Mag vielleicht etwas hart klingen, aber wenn man sieht, was da gerade mit den Staatsfinanzen passiert, dann erinnert mich das alles an das Ende der 20er Jahre. Und das, was damals kam ist für einen Großteil der Deutschen zur Zeit gar kein Problem.

----------

## Necoro

 *Klaus Meier wrote:*   

> Könnt ihr jetzt verstehen, warum ich aus Deutschland weg bin?

 

Also ehrlich: Lieber Merkel als Berlusconi ...

----------

## Klaus Meier

 *Necoro wrote:*   

>  *Klaus Meier wrote:*   Könnt ihr jetzt verstehen, warum ich aus Deutschland weg bin? 
> 
> Also ehrlich: Lieber Merkel als Berlusconi ...

 

Könnte man denken, aber die Realität ist anders. Lass den doch 17-jährige beglücken und andere Politiker beleidigen, ist er damit ausgelastet und kann sonst kein Unheil anrichten. Im direkten Vergleich der beiden Personen gebe ich dir voll Recht.

Aber ansonsten, was zwischen Brenner und Mailand abgeht, kennt kaum ein Deutscher. Da stellt man sich Italien so vor wie Neapel und Palermo. Es gibt hier kaum Arbeitslose, relativ hohes Einkommen, sehr gut gebildete, arbeitswillige Menschen usw. Und es herrscht eine positive Stimmung. Man kann schon fast sagen, es sind die besseren Deutschen, grins.... Wenn du Bus fährst dann fängt der Nachbar an über Wirbelstrombremsen und Retarder zu sprechen und so. Das ist aber in Deutschland wenig bekannt. Und alles, was südlich von Rom kommt, das kannst du wirklich in die Tonne kloppen.

Und ansonsten hat man hier zu gewissen Dingen eine andere Einstellung. Gesetze beachtet man recht selektiv. Was Schwachsinn ist wird einfach ignoriert. Auch von der Polizei. Und Dinge, die relevant sind, da ist man knallhart. Wenn du mit mehr als 1,5 Promille einen Verkehrsunfall mit Todesfolge baust, dann gehst du 10 Jahre in den Knast. Sofort, am gleichen Abend noch. Darfst deinen Arbeitgeber anrufen, dass du morgen nicht kommst.
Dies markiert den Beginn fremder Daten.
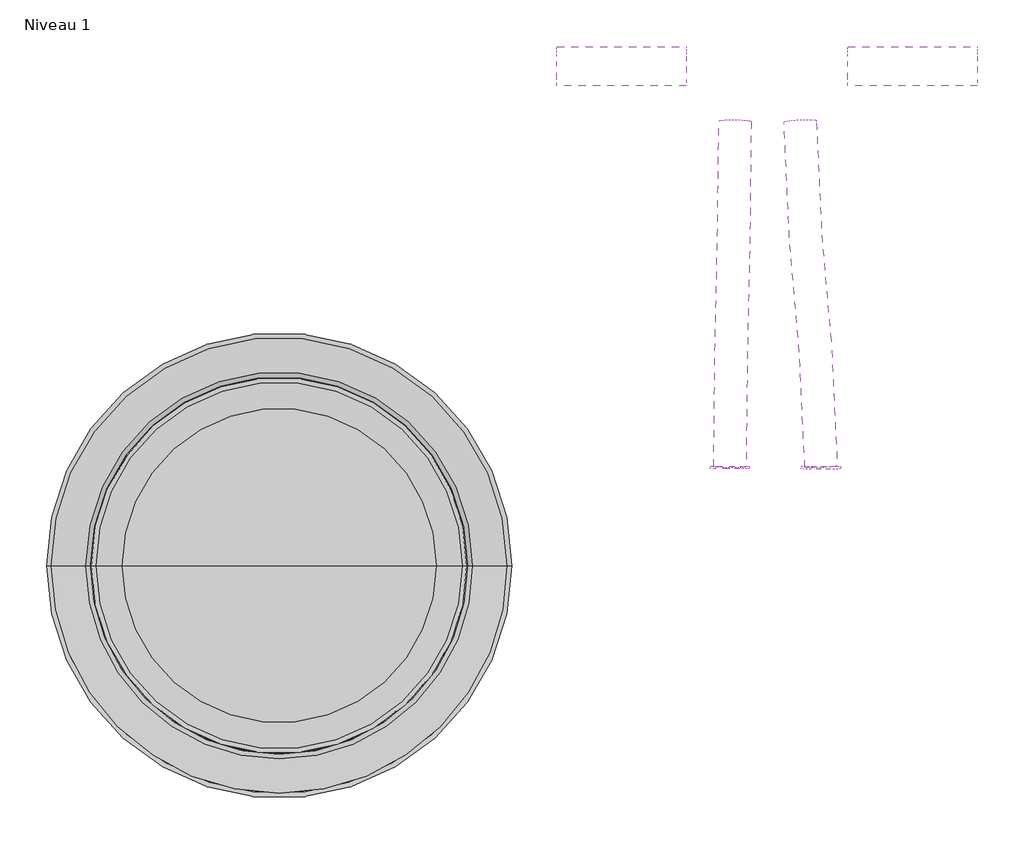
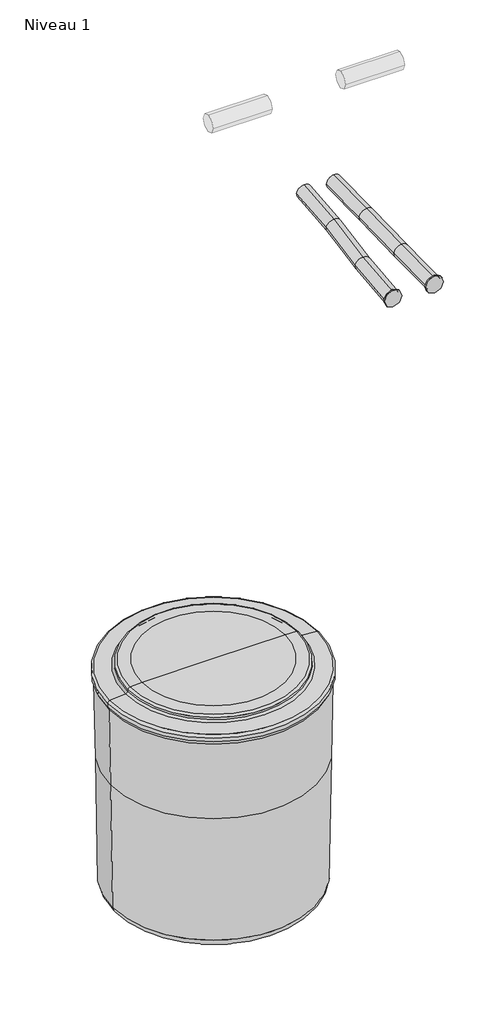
# One storey, incomplete: 6 pipe segments, 1 proxy.
"""IFC4 building model written with IfcOpenShell, lengths in millimetres."""

from ifc_helpers import new_model, si_unit, point, frame, frame_2d, origin, place, context, project, spatial, circle_curve, ellipse_curve, trimmed, segment, composite_curve, outline, extrude, transform, mapped, element, save
from ifc_brep_helpers import plane_surface, cylinder_surface, advanced_brep
from components import proxy_800_x_720_mm_2ee91da9

model = new_model("IFC4")

# Units and contexts
model_context = context("Model", 3, world=origin())
ifc_project = project(units=[si_unit("LENGTHUNIT", "METRE", prefix="MILLI")], contexts=[model_context])

# Site, building, storey
site = spatial("IfcSite", under=ifc_project)
building = spatial("IfcBuilding", under=site)
storey = spatial("IfcBuildingStorey", under=building, Name="Niveau 1", Elevation=0.0)

# Proxy
placement = place(None, origin())
proxy_800_x_720_mm_shape = proxy_800_x_720_mm_2ee91da9(model_context)
element("IfcBuildingElementProxy", 1, Name="BWT_Bac à sel type 1 : 800 x 720 mm", ObjectType="BWT_Bac à sel type 1 : 800 x 720 mm", at=placement, inside=storey, context=model_context, shape_type="MappedRepresentation", body=[
    mapped(proxy_800_x_720_mm_shape, transform((4117.7131695, -2903.9395648, 0.0), x_axis=(1.0, 0.0, 0.0), y_axis=(0.0, 1.0, 0.0), z_axis=(0.0, 0.0, 1.0))),
])

# Pipe segments
element("IfcPipeSegment", 2, ObjectType="Souple - Circulaire", at=placement, inside=storey, context=model_context, shape_type="AdvancedBrep", body=[
    advanced_brep(
    [(4788.6628375, -2750.9024314, 1756.2), (4813.6845845, -2749.1526808, 1731.2831272), (4838.6595395, -2751.4767021, 1756.2), (4813.6377924, -2753.2264527, 1781.1168728), (4790.7083441, -2572.8181473, 1770.7598222), (4815.7386552, -2570.3227973, 1745.9039082), (4840.7022354, -2573.6371249, 1770.7398154), (4815.6719243, -2576.1324749, 1795.5957295), (4796.5472282, -2217.6840085, 1812.3207297), (4821.5221831, -2220.0080298, 1837.2376025), (4846.5439302, -2218.2582792, 1812.3207297), (4821.5689752, -2215.9342578, 1787.403857), (4794.5045322, -2395.5235857, 1797.7809143), (4819.5348433, -2393.0282357, 1772.9250003), (4844.4984235, -2396.3425632, 1797.7609075), (4819.4681124, -2398.8379132, 1822.6168216)],
    [
        (0, 1, circle_curve(frame((4813.6611885, -2751.1895667, 1756.2), z_axis=(-0.011447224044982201, -0.9966091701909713, -0.0814808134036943), x_axis=(-0.9999340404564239, 0.011485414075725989, 0.0)), 25.0)),
        (1, 2, circle_curve(frame((4813.6611885, -2751.1895667, 1756.2), z_axis=(-0.011447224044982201, -0.9966091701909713, -0.0814808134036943), x_axis=(-0.9999340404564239, 0.011485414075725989, 0.0)), 25.0)),
        (2, 3, circle_curve(frame((4813.6611885, -2751.1895667, 1756.2), z_axis=(-0.011447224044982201, -0.9966091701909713, -0.0814808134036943), x_axis=(-0.9999340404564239, 0.011485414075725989, 0.0)), 25.0)),
        (3, 0, circle_curve(frame((4813.6611885, -2751.1895667, 1756.2), z_axis=(-0.011447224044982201, -0.9966091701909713, -0.0814808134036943), x_axis=(-0.9999340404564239, 0.011485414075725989, 0.0)), 25.0)),
        (0, 4),
        (4, 5, ellipse_curve(frame((4815.7052898, -2573.2276361, 1770.7498188), z_axis=(-0.016314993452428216, -0.9931000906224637, -0.11612937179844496), x_axis=(0.1381636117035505, -0.11726981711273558, 0.9834422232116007)), 25.0154662, 25.0)),
        (5, 1),
        (5, 6, ellipse_curve(frame((4815.7052898, -2573.2276361, 1770.7498188), z_axis=(-0.016314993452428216, -0.9931000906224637, -0.11612937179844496), x_axis=(0.1381636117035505, -0.11726981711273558, 0.9834422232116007)), 25.0154662, 25.0)),
        (6, 2),
        (6, 7, ellipse_curve(frame((4815.7052898, -2573.2276361, 1770.7498188), z_axis=(-0.016314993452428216, -0.9931000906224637, -0.11612937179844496), x_axis=(0.1381636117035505, -0.11726981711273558, 0.9834422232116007)), 25.0154662, 25.0)),
        (7, 3),
        (7, 4, ellipse_curve(frame((4815.7052898, -2573.2276361, 1770.7498188), z_axis=(-0.016314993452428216, -0.9931000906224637, -0.11612937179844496), x_axis=(0.1381636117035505, -0.11726981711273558, 0.9834422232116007)), 25.0154662, 25.0)),
        (8, 9, circle_curve(frame((4821.5455792, -2217.9711438, 1812.3207297), z_axis=(0.011447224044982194, 0.9966091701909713, 0.08148081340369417), x_axis=(-0.9999340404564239, 0.011485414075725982, 0.0)), 25.0)),
        (9, 10, circle_curve(frame((4821.5455792, -2217.9711438, 1812.3207297), z_axis=(0.011447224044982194, 0.9966091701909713, 0.08148081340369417), x_axis=(-0.9999340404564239, 0.011485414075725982, 0.0)), 25.0)),
        (10, 11, circle_curve(frame((4821.5455792, -2217.9711438, 1812.3207297), z_axis=(0.011447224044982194, 0.9966091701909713, 0.08148081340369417), x_axis=(-0.9999340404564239, 0.011485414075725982, 0.0)), 25.0)),
        (11, 8, circle_curve(frame((4821.5455792, -2217.9711438, 1812.3207297), z_axis=(0.011447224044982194, 0.9966091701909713, 0.08148081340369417), x_axis=(-0.9999340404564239, 0.011485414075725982, 0.0)), 25.0)),
        (4, 12),
        (12, 13, ellipse_curve(frame((4819.5014779, -2395.9330745, 1797.7709109), z_axis=(-0.016314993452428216, -0.9931000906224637, -0.11612937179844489), x_axis=(-0.13816361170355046, 0.11726981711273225, -0.9834422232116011)), 25.0154662, 25.0)),
        (13, 5),
        (13, 14, ellipse_curve(frame((4819.5014779, -2395.9330745, 1797.7709109), z_axis=(-0.016314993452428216, -0.9931000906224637, -0.11612937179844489), x_axis=(-0.13816361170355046, 0.11726981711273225, -0.9834422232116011)), 25.0154662, 25.0)),
        (14, 6),
        (14, 15, ellipse_curve(frame((4819.5014779, -2395.9330745, 1797.7709109), z_axis=(-0.016314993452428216, -0.9931000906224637, -0.11612937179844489), x_axis=(-0.13816361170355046, 0.11726981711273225, -0.9834422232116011)), 25.0154662, 25.0)),
        (15, 7),
        (15, 12, ellipse_curve(frame((4819.5014779, -2395.9330745, 1797.7709109), z_axis=(-0.016314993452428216, -0.9931000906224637, -0.11612937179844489), x_axis=(-0.13816361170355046, 0.11726981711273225, -0.9834422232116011)), 25.0154662, 25.0)),
        (12, 8),
        (11, 13),
        (10, 14),
        (9, 15),
    ],
    [
        plane_surface(frame((4813.6611885, -2753.2267205, 1781.1168618), z_axis=(-0.011447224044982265, -0.9966091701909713, -0.08148081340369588), x_axis=(0.999934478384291, -0.011409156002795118, -0.0009327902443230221))),
        cylinder_surface(frame((4813.6611885, -2751.1895667, 1756.2), z_axis=(-0.011447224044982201, -0.9966091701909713, -0.0814808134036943), x_axis=(-0.9999340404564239, 0.011485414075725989, 0.0)), 25.0),
        plane_surface(frame((4821.5455792, -2220.0082976, 1837.2375916), z_axis=(0.011447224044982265, 0.9966091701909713, 0.08148081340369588), x_axis=(0.999934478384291, -0.011409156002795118, -0.0009327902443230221))),
        cylinder_surface(frame((4815.7052898, -2573.2276361, 1770.7498188), z_axis=(-0.021162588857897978, -0.9883630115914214, -0.15063433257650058), x_axis=(-0.9997739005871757, 0.021233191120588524, 0.0011398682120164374)), 25.0),
        cylinder_surface(frame((4819.5014779, -2395.9330745, 1797.7709109), z_axis=(-0.011447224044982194, -0.9966091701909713, -0.08148081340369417), x_axis=(-0.9999340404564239, 0.011485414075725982, 0.0)), 25.0),
    ],
    [
        (0, [[1, 2, 3, 4]]),
        (1, [[-1, 5, 6, 7]]),
        (1, [[-2, -7, 8, 9]]),
        (1, [[-3, -9, 10, 11]]),
        (1, [[-4, -11, 12, -5]]),
        (2, [[13, 14, 15, 16]]),
        (3, [[-6, 17, 18, 19]]),
        (3, [[-8, -19, 20, 21]]),
        (3, [[-10, -21, 22, 23]]),
        (3, [[-12, -23, 24, -17]]),
        (4, [[-18, 25, -16, 26]]),
        (4, [[-20, -26, -15, 27]]),
        (4, [[-22, -27, -14, 28]]),
        (4, [[-24, -28, -13, -25]]),
    ],
),
])
element("IfcPipeSegment", 3, ObjectType="Souple - Circulaire", at=placement, inside=storey, context=model_context, shape_type="AdvancedBrep", body=[
    advanced_brep(
    [(4929.4136145, -2752.3640568, 1757.1), (4954.2960151, -2749.2760486, 1732.1735011), (4979.358407, -2750.0150767, 1757.1), (4954.4760064, -2753.1030849, 1782.0264989), (4921.0645528, -2574.8435395, 1770.7577589), (4945.8804, -2570.3404522, 1745.9401309), (4970.9623355, -2571.4950225, 1770.8346595), (4946.1464883, -2575.9981099, 1795.6522876), (4897.1194381, -2219.1458228, 1812.323326), (4922.1904932, -2220.0136458, 1837.2369584), (4947.0642125, -2216.7964648, 1812.3181335), (4921.9931574, -2215.9286418, 1787.4045011), (4905.5154998, -2397.6693065, 1797.6556571), (4930.3257345, -2393.1022677, 1772.8477379), (4955.413284, -2394.3208063, 1797.7325551), (4930.6030493, -2398.8878452, 1822.5404744)],
    [
        (0, 1, circle_curve(frame((4954.3860107, -2751.1895667, 1757.1), z_axis=(0.04684147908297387, -0.9959590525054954, -0.07662533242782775), x_axis=(-0.9988958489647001, -0.04697960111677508, 0.0)), 25.0)),
        (1, 2, circle_curve(frame((4954.3860107, -2751.1895667, 1757.1), z_axis=(0.04684147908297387, -0.9959590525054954, -0.07662533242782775), x_axis=(-0.9988958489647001, -0.04697960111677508, 0.0)), 25.0)),
        (2, 3, circle_curve(frame((4954.3860107, -2751.1895667, 1757.1), z_axis=(0.04684147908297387, -0.9959590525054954, -0.07662533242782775), x_axis=(-0.9988958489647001, -0.04697960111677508, 0.0)), 25.0)),
        (3, 0, circle_curve(frame((4954.3860107, -2751.1895667, 1757.1), z_axis=(0.04684147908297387, -0.9959590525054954, -0.07662533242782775), x_axis=(-0.9988958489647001, -0.04697960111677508, 0.0)), 25.0)),
        (0, 4),
        (4, 5, ellipse_curve(frame((4946.0134442, -2573.169281, 1770.7962092), z_axis=(0.06670035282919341, -0.9913332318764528, -0.1131790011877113), x_axis=(-0.47316217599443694, -0.13129239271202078, 0.8711371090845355)), 25.0219185, 25.0)),
        (5, 1),
        (5, 6, ellipse_curve(frame((4946.0134442, -2573.169281, 1770.7962092), z_axis=(0.06670035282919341, -0.9913332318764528, -0.1131790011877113), x_axis=(-0.47316217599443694, -0.13129239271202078, 0.8711371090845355)), 25.0219185, 25.0)),
        (6, 2),
        (6, 7, ellipse_curve(frame((4946.0134442, -2573.169281, 1770.7962092), z_axis=(0.06670035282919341, -0.9913332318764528, -0.1131790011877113), x_axis=(-0.47316217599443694, -0.13129239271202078, 0.8711371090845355)), 25.0219185, 25.0)),
        (7, 3),
        (7, 4, ellipse_curve(frame((4946.0134442, -2573.169281, 1770.7962092), z_axis=(0.06670035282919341, -0.9913332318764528, -0.1131790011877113), x_axis=(-0.47316217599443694, -0.13129239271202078, 0.8711371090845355)), 25.0219185, 25.0)),
        (8, 9, circle_curve(frame((4922.0918253, -2217.9711438, 1812.3207297), z_axis=(-0.04682122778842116, 0.9955487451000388, 0.08179528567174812), x_axis=(-0.998895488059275, -0.04698715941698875, 0.00010384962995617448)), 25.0)),
        (9, 10, circle_curve(frame((4922.0918253, -2217.9711438, 1812.3207297), z_axis=(-0.04682122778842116, 0.9955487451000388, 0.08179528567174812), x_axis=(-0.998895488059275, -0.04698715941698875, 0.00010384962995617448)), 25.0)),
        (10, 11, circle_curve(frame((4922.0918253, -2217.9711438, 1812.3207297), z_axis=(-0.04682122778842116, 0.9955487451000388, 0.08179528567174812), x_axis=(-0.998895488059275, -0.04698715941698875, 0.00010384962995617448)), 25.0)),
        (11, 8, circle_curve(frame((4922.0918253, -2217.9711438, 1812.3207297), z_axis=(-0.04682122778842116, 0.9955487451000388, 0.08179528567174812), x_axis=(-0.998895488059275, -0.04698715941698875, 0.00010384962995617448)), 25.0)),
        (4, 12),
        (12, 13, ellipse_curve(frame((4930.4643919, -2395.9950564, 1797.6941061), z_axis=(0.0666840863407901, -0.9910367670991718, -0.11575559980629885), x_axis=(0.5003596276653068, 0.1335865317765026, -0.8554501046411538)), 25.0196178, 25.0)),
        (13, 5),
        (13, 14, ellipse_curve(frame((4930.4643919, -2395.9950564, 1797.6941061), z_axis=(0.0666840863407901, -0.9910367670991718, -0.11575559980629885), x_axis=(0.5003596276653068, 0.1335865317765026, -0.8554501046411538)), 25.0196178, 25.0)),
        (14, 6),
        (14, 15, ellipse_curve(frame((4930.4643919, -2395.9950564, 1797.6941061), z_axis=(0.0666840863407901, -0.9910367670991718, -0.11575559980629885), x_axis=(0.5003596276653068, 0.1335865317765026, -0.8554501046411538)), 25.0196178, 25.0)),
        (15, 7),
        (15, 12, ellipse_curve(frame((4930.4643919, -2395.9950564, 1797.6941061), z_axis=(0.0666840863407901, -0.9910367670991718, -0.11575559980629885), x_axis=(0.5003596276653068, 0.1335865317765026, -0.8554501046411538)), 25.0196178, 25.0)),
        (12, 8),
        (11, 13),
        (10, 14),
        (9, 15),
    ],
    [
        plane_surface(frame((4954.3860107, -2753.1073051, 1782.0263371), z_axis=(0.046841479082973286, -0.9959590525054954, -0.07662533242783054), x_axis=(0.998902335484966, 0.046703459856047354, 0.0035931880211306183))),
        cylinder_surface(frame((4954.3860107, -2751.1895667, 1757.1), z_axis=(0.046841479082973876, -0.9959590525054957, -0.07662533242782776), x_axis=(-0.9988958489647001, -0.04697960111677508, 0.0)), 25.0),
        plane_surface(frame((4922.0918253, -2220.0182711, 1837.2367742), z_axis=(-0.04682122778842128, 0.9955487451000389, 0.08179528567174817), x_axis=(0.9989032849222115, 0.04666399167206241, 0.003833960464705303))),
        cylinder_surface(frame((4946.0134442, -2573.169281, 1770.7962092), z_axis=(0.08644237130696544, -0.9849706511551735, -0.14953438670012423), x_axis=(-0.9962205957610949, -0.08674052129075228, -0.004539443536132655)), 25.0),
        cylinder_surface(frame((4930.4643919, -2395.9950564, 1797.6941061), z_axis=(0.04682122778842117, -0.995548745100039, -0.08179528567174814), x_axis=(-0.998895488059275, -0.04698715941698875, 0.00010384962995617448)), 25.0),
    ],
    [
        (0, [[1, 2, 3, 4]]),
        (1, [[-1, 5, 6, 7]]),
        (1, [[-2, -7, 8, 9]]),
        (1, [[-3, -9, 10, 11]]),
        (1, [[-4, -11, 12, -5]]),
        (2, [[13, 14, 15, 16]]),
        (3, [[-6, 17, 18, 19]]),
        (3, [[-8, -19, 20, 21]]),
        (3, [[-10, -21, 22, 23]]),
        (3, [[-12, -23, 24, -17]]),
        (4, [[-18, 25, -16, 26]]),
        (4, [[-20, -26, -15, 27]]),
        (4, [[-22, -27, -14, 28]]),
        (4, [[-24, -28, -13, -25]]),
    ],
),
])
element("IfcPipeSegment", 4, ObjectType="Standard", at=placement, inside=storey, context=model_context, shape_type="SweptSolid", body=[
    extrude(outline(composite_curve([segment(trimmed(circle_curve(frame_2d((0.0, -30.1625)), 30.1625), [point((30.1625, -30.1625))], [point((0.0, -60.3249999))], False, "CARTESIAN"), True, "CONTINUOUS"), segment(trimmed(circle_curve(frame_2d((0.0, -30.1625)), 30.1625), [point((0.0, -60.3249999))], [point((-30.1625, -30.1625))], False, "CARTESIAN"), True, "CONTINUOUS"), segment(trimmed(circle_curve(frame_2d((0.0, -30.1625)), 30.1625), [point((-30.1625, -30.1625))], [point((0.0, 0.0))], False, "CARTESIAN"), True, "CONTINUOUS"), segment(trimmed(circle_curve(frame_2d((0.0, -30.1625)), 30.1625), [point((0.0, 0.0))], [point((30.1625, -30.1625))], False, "CARTESIAN"), True, "CONTINUOUS")], self_intersect=False)), frame((4954.3860107, -2750.9544151, 1787.2615833), z_axis=(0.0, -0.9999696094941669, 0.007796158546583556), x_axis=(1.0, 0.0, 0.0)), (0.0, 0.0, 1.0), 3.7501109),
])
element("IfcPipeSegment", 5, ObjectType="Standard", at=placement, inside=storey, context=model_context, shape_type="SweptSolid", body=[
    extrude(outline(composite_curve([segment(trimmed(circle_curve(frame_2d((1756.2, 4813.6611885)), 30.1625), [point((1756.2, 4843.8236885))], [point((1786.3625, 4813.6611885))], False, "CARTESIAN"), True, "CONTINUOUS"), segment(trimmed(circle_curve(frame_2d((1756.2, 4813.6611885)), 30.1625), [point((1786.3625, 4813.6611885))], [point((1756.2, 4783.4986885))], False, "CARTESIAN"), True, "CONTINUOUS"), segment(trimmed(circle_curve(frame_2d((1756.2, 4813.6611885)), 30.1625), [point((1756.2, 4783.4986885))], [point((1726.0375, 4813.6611885))], False, "CARTESIAN"), True, "CONTINUOUS"), segment(trimmed(circle_curve(frame_2d((1756.2, 4813.6611885)), 30.1625), [point((1726.0375, 4813.6611885))], [point((1756.2, 4843.8236885))], False, "CARTESIAN"), True, "CONTINUOUS")], self_intersect=False)), frame((0.0, -2754.9395637, 0.0), z_axis=(0.0, 1.0, 0.0), x_axis=(0.0, 0.0, 1.0)), (0.0, 0.0, 1.0), 3.7499969),
])
element("IfcPipeSegment", 6, ObjectType="Standard", at=placement, inside=storey, context=model_context, shape_type="SweptSolid", body=[
    extrude(outline(composite_curve([segment(trimmed(circle_curve(frame_2d((-2133.0769881, 2100.0)), 30.1625), [point((-2163.2394881, 2100.0))], [point((-2133.0769881, 2130.1625))], False, "CARTESIAN"), True, "CONTINUOUS"), segment(trimmed(circle_curve(frame_2d((-2133.0769881, 2100.0)), 30.1625), [point((-2133.0769881, 2130.1625))], [point((-2102.9144881, 2100.0))], False, "CARTESIAN"), True, "CONTINUOUS"), segment(trimmed(circle_curve(frame_2d((-2133.0769881, 2100.0)), 30.1625), [point((-2102.9144881, 2100.0))], [point((-2133.0769881, 2069.8375))], False, "CARTESIAN"), True, "CONTINUOUS"), segment(trimmed(circle_curve(frame_2d((-2133.0769881, 2100.0)), 30.1625), [point((-2133.0769881, 2069.8375))], [point((-2163.2394881, 2100.0))], False, "CARTESIAN"), True, "CONTINUOUS")], self_intersect=False)), frame((4995.9083938, 0.0, 0.0), z_axis=(1.0, 0.0, 0.0), x_axis=(0.0, 1.0, 0.0)), (0.0, 0.0, 1.0), 200.0),
])
element("IfcPipeSegment", 7, ObjectType="Standard", at=placement, inside=storey, context=model_context, shape_type="SweptSolid", body=[
    extrude(outline(composite_curve([segment(trimmed(circle_curve(frame_2d((-2133.0769881, 2100.0)), 30.1625), [point((-2102.9144881, 2100.0))], [point((-2133.0769881, 2069.8375))], False, "CARTESIAN"), True, "CONTINUOUS"), segment(trimmed(circle_curve(frame_2d((-2133.0769881, 2100.0)), 30.1625), [point((-2133.0769881, 2069.8375))], [point((-2163.2394881, 2100.0))], False, "CARTESIAN"), True, "CONTINUOUS"), segment(trimmed(circle_curve(frame_2d((-2133.0769881, 2100.0)), 30.1625), [point((-2163.2394881, 2100.0))], [point((-2133.0769881, 2130.1625))], False, "CARTESIAN"), True, "CONTINUOUS"), segment(trimmed(circle_curve(frame_2d((-2133.0769881, 2100.0)), 30.1625), [point((-2133.0769881, 2130.1625))], [point((-2102.9144881, 2100.0))], False, "CARTESIAN"), True, "CONTINUOUS")], self_intersect=False)), frame((4546.5455792, 0.0, 0.0), z_axis=(1.0, 0.0, 0.0), x_axis=(0.0, 1.0, 0.0)), (0.0, 0.0, 1.0), 200.0),
])

save(model, "model.ifc")

Aber ich denke, dass kann man nicht per Forum vermitteln, man muß es erleben. Diese Diskussion wird nichts bringen.Last edited by Klaus Meier on Mon Sep 28, 2009 8:53 pm; edited 1 time in total

----------

## ChrisJumper

Ich bin eigentlich recht zufrieden mit dem Ergebnis. Anders war es nicht zu erwarten. Und ich hoffe das dieses "schweigen" und "aus dem Weg gehen" in den Parteien "den Ernst der Lage" wiederspiegelt.

Gewünscht hätte ich mir eine Partei die sich Transparenz auf die Fahne schreibt und gewillt ist in den "sauren Apfel" zu beißen. Kurzfristige wirkende Projekte einzustampfen (Abwrackprämie, Unternehmen/Banken sanieren, Soli-Zuschlag, Rente) und in langfristige Lösungen (Bildung, Regener.-Energien, Infrastruktur wie Stadtwerke und Telekommunikation) investiert.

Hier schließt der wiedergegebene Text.